Report every line of the records below that includes the string "ROPS".

• EXTRACTED MATERIAL
== Segment start ==
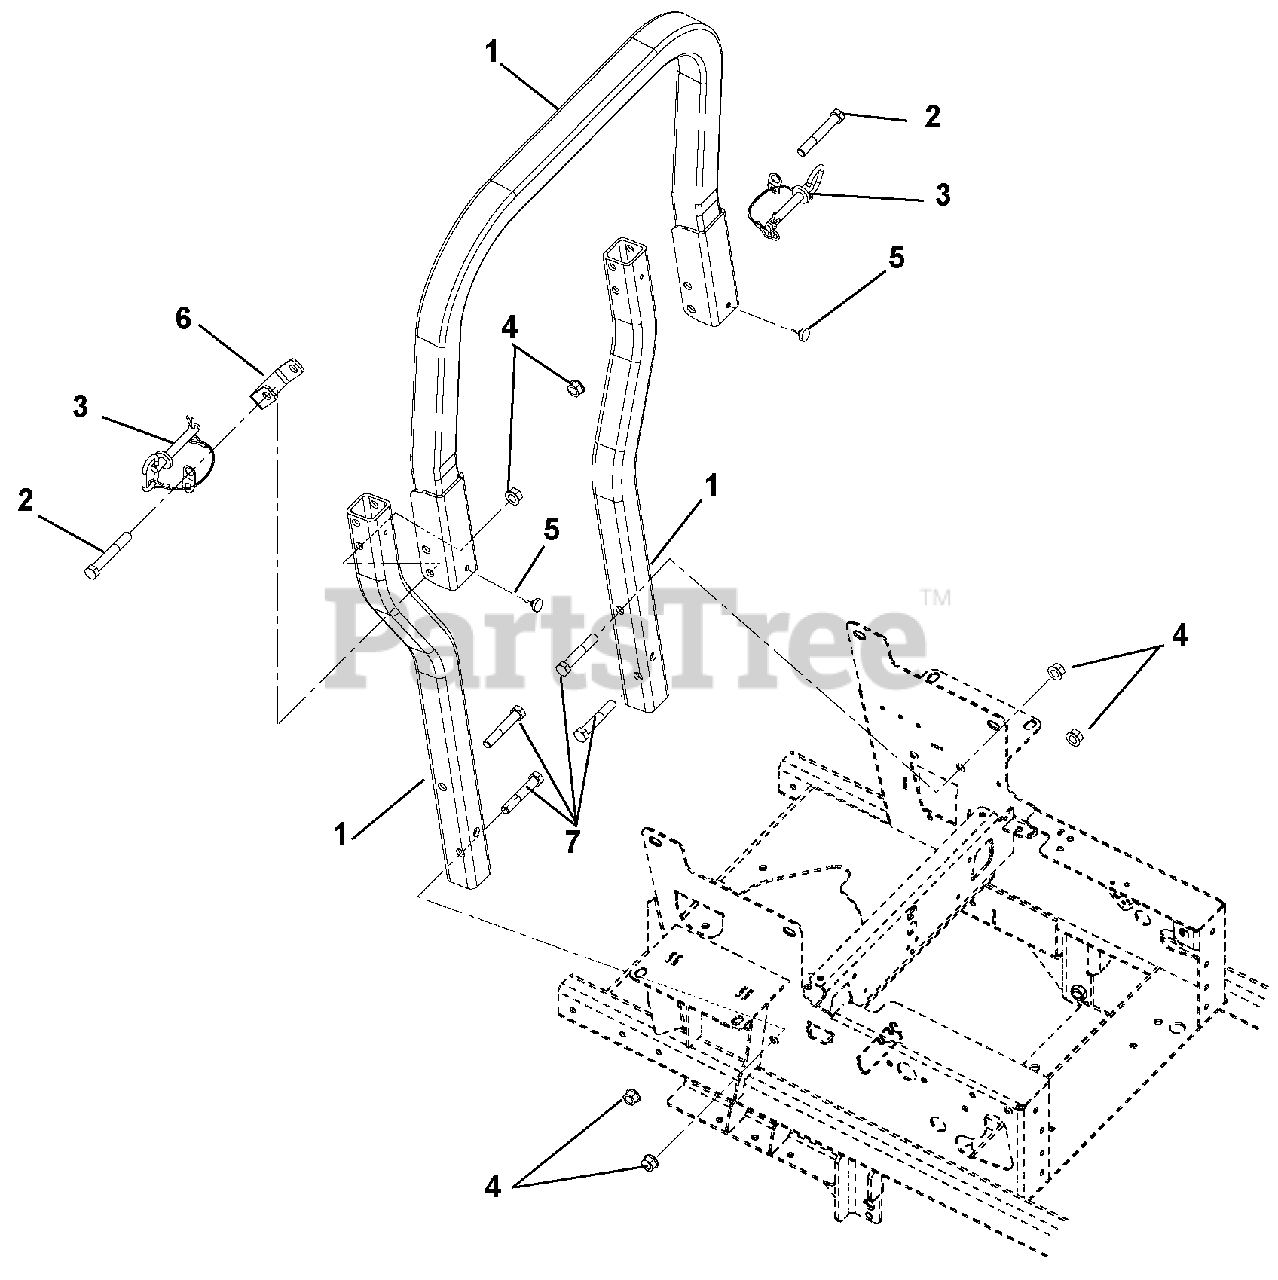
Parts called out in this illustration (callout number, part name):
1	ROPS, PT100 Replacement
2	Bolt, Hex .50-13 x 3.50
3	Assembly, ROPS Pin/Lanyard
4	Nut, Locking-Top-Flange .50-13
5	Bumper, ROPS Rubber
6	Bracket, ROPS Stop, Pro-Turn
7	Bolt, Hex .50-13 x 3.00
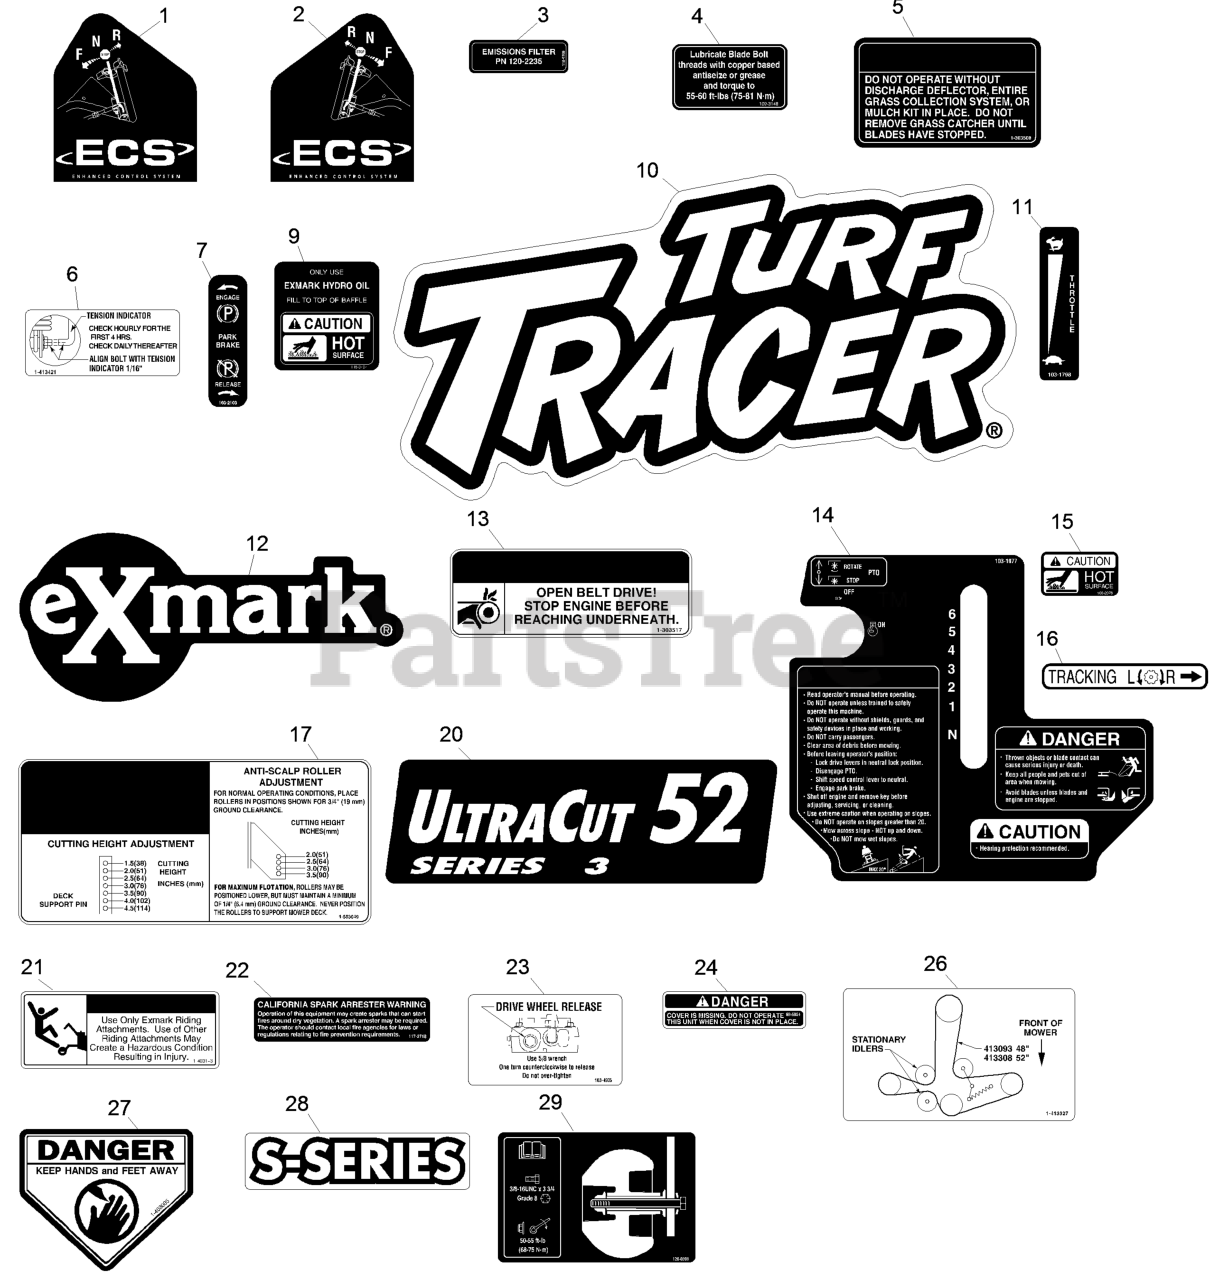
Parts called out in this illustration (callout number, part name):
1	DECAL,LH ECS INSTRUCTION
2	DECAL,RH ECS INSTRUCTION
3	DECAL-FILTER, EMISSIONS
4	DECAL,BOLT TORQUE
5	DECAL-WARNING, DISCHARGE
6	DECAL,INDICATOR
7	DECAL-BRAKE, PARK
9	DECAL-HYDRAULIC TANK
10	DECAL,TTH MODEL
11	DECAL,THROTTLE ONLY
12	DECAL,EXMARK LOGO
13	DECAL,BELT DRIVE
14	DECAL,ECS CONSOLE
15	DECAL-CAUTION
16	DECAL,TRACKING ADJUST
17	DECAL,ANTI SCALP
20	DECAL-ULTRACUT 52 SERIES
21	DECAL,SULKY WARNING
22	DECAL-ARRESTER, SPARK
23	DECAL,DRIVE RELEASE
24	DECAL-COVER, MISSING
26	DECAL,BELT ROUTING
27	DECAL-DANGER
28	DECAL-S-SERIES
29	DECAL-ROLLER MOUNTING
== Segment end ==
== Segment start ==
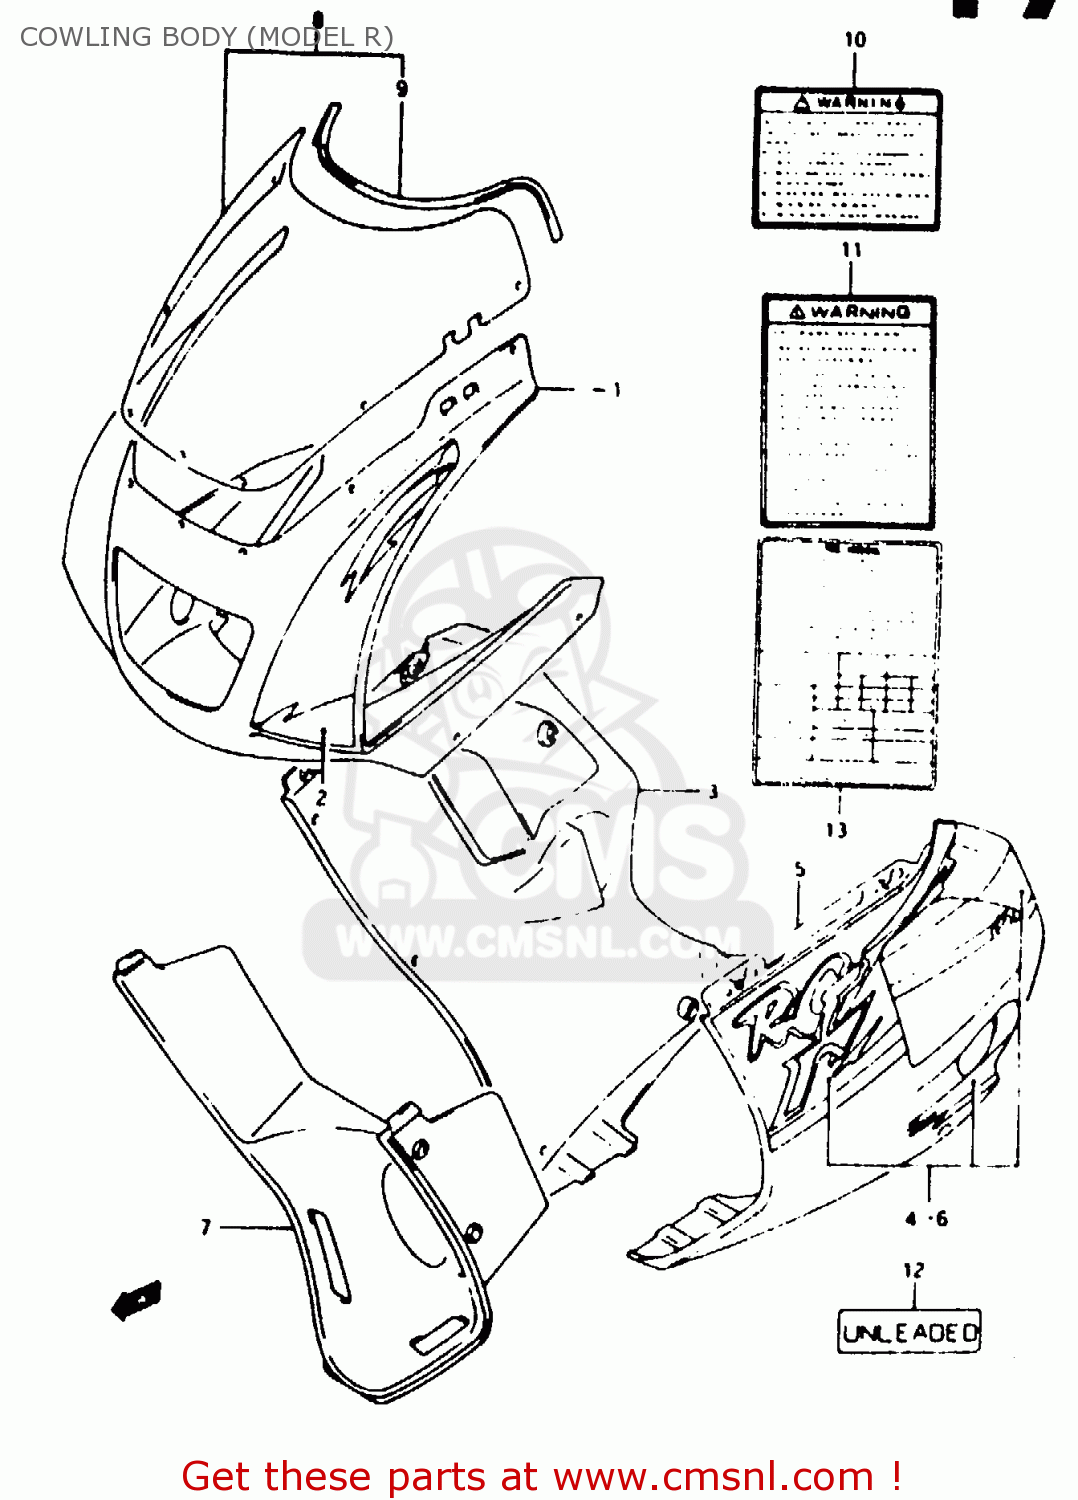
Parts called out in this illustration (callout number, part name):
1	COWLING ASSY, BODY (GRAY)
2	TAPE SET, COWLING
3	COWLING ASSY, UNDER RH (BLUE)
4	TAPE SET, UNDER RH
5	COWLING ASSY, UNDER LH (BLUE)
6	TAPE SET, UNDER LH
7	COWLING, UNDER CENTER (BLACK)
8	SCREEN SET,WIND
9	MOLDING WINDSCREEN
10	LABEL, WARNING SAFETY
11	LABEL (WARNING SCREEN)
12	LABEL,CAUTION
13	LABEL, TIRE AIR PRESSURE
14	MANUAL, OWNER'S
== Segment end ==
• SOLVED PROBLEM
1	ROPS, PT100 Replacement
3	Assembly, ROPS Pin/Lanyard
5	Bumper, ROPS Rubber
6	Bracket, ROPS Stop, Pro-Turn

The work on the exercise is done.